Bullet.toEntity : Bullet -> Entity
Bullet.toEntity bullet =
  -- build an Entity based on the bullet's state

This approach proved particularly flexible. I could now model bullets any way I wanted. They didn’t need to be records, they could be union types or anything else.

Bullets change image and size based on whether they are flying or in one of 3 states of exploding. By deriving the Entity values instead of storing them, I avoided some invalid states.

By taking a derived data approach, I got this flexibility and safety while still being able to have a single render function that could render any entity. Best of both worlds!

Vector math and pipelines

problem solving with vectors

I was trying to figure out how to move a pirate some distance d towards a point that I knew I couldn’t reach this tick. Where does the pirate end up?

The logic ended up looking like this:

  1. The pirate’s current position is the vector A
  2. The place I want to reach eventually is the vector B
  3. The full movement for the pirate is the vector A - B
  4. I can’t do the full movement so I create a new vector C whose direction is the same as A - B but whose magnitude is d
  5. The movement I can do this turn is the vector A + C

If you read these steps and went 😕😟😰😱🙈, you’re not alone. The math was confusing and the code was gnarly.

I was discussing my frustration in the #gamedev channel of the elm-lang Slack. User @mordrax mentioned that it’s nice to have two different coordinate spaces. Global coordinates where (0,0) is the corner of the world and local coordinates where (0,0) is the position of the entity.

A lot of the math, particularly rotations, is much easier if the entity being acted on is at (0,0). Mordrax suggested I create a series of pipeline-able functions to convert between the global and local coordinate spaces as well as for common tranforms.

This ends up looking really nice:

bullet.position
  |> Coordinate.toLocalSpace
  |> Coordinate.moveMilesTowardsPosition distanceInThisInterval
  |> Coordinate.rotateTowardsDestination
  |> Coordinate.toGlobalSpace

It turns out that converting to local space and back into global space is the equivalent of having to do - A and + A in my vector drawing above!

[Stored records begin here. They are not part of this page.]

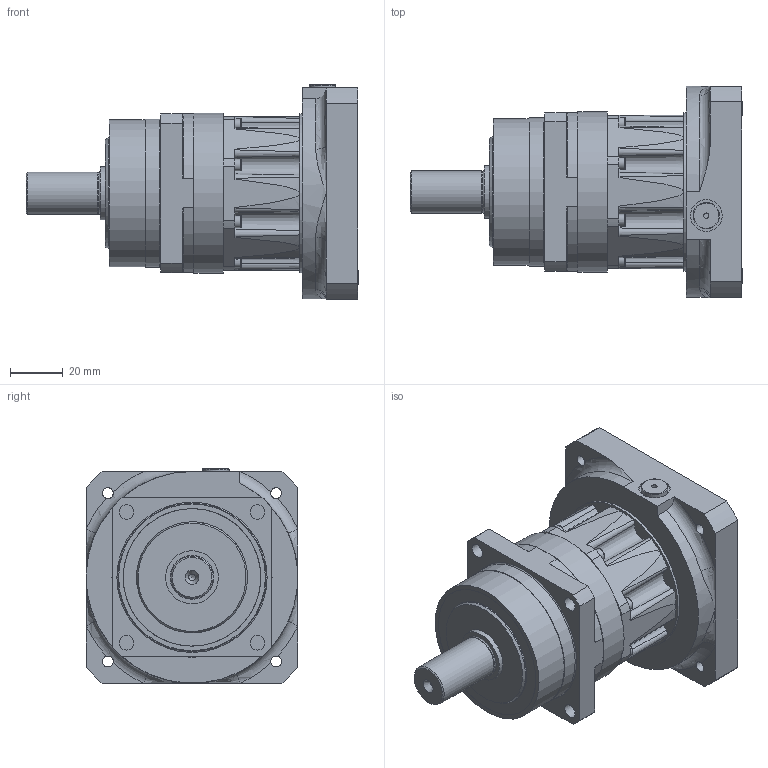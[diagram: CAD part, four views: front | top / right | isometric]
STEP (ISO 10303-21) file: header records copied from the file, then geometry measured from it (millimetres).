
FILE_DESCRIPTION(/* description */ ('ANFX-P110N-2-8A'),/* implementation_level */ '2;1');
FILE_NAME(/* name */ 'C:\Users\ADMINI~1\AppData\Local\Temp\MM582137_ANFX-P110N-2-8A.stp',/* time_stamp */ '2018-06-20T09:19:12+02:00',/* author */ ('Max'),/* organization */ (''),/* preprocessor_version */ 'ST-DEVELOPER v17',/* originating_system */ 'Autodesk Inventor 2018',/* authorisation */ '');
FILE_SCHEMA (('AUTOMOTIVE_DESIGN { 1 0 10303 214 3 1 1 }'));
Length unit declared in the file: millimetre
Products named in the file (17): MM579792; MMBG0004130; MMCL239LG; MMCL433LG; MAW8353G; MAX4839G; MMBG0004131; MMCH473LG; MMAP6508G; 202471; MMAP3153G; 202119; M009M2,5R020NG; 530N20357---G; 135352; MAW8349G; 211554
Assembly tree (30 placements, depth 3):
  MM579792
    MMBG0004130
      MMCL239LG
      MMCL433LG
      MAW8353G
      MAX4839G
    MMBG0004131
      MMCH473LG
      MMAP6508G
      202471
      MMAP3153G
      202119
      M009M2,5R020NG  x8
      530N20357---G
    135352
    MAW8349G
    211554  x8
Bounding box: 125.5 x 80 x 81 mm (x, y, z)
Volume: 211075.2 mm3; surface area: 101474.2 mm2
Topology: 97 solids, 98 shells, 707 faces, 2006 edges, 1413 vertices
Faces by surface type: plane 272, cylinder 188, cone 110, sphere 68, torus 63, bspline 6
Full cylindrical faces by diameter (mm): 2 x1, 2.013 x8, 2.459 x1, 2.5 x9, 2.9 x8, 3 x8, 3.242 x9, 4 x9, 4.134 x4, 4.5 x17, 5.5 x4, 7 x9, 7.8 x1, 8 x9, 8.2 x1, 8.4 x1, 10 x1, 11.5 x1, 12 x1, 16 x1, 19 x1, 19.4 x1, 19.6 x1, 20 x3, 20.5 x1, 22 x1, 25.172 x2, 27.5 x4, 28 x1, 32 x1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
Entity records: 18261 total; most frequent: CARTESIAN_POINT 4130, DIRECTION 3095, ORIENTED_EDGE 2540, AXIS2_PLACEMENT_3D 1367, EDGE_CURVE 1270, VERTEX_POINT 1007, CIRCLE 829, EDGE_LOOP 655

Adding custom types Coordinate.Global and Coordinate.Local to wrap the raw Vector values helps make code more readable and gives me safety of knowing I’m only doing some kinds of operations on certain kinds of positions.

Conclusion

Joining a game jam was both an instructive and rewarding experience. Some big takeaways were:

  1. Use custom types to improve safety and readability of your code.
  2. Ask for help. The #gamedev community is really helpful and supportive.
  3. Draw your problems. Expressing your problems in a different visual medium really helps gain understanding.
  4. Decouple all things game model from where and when they will be represented on the screeen.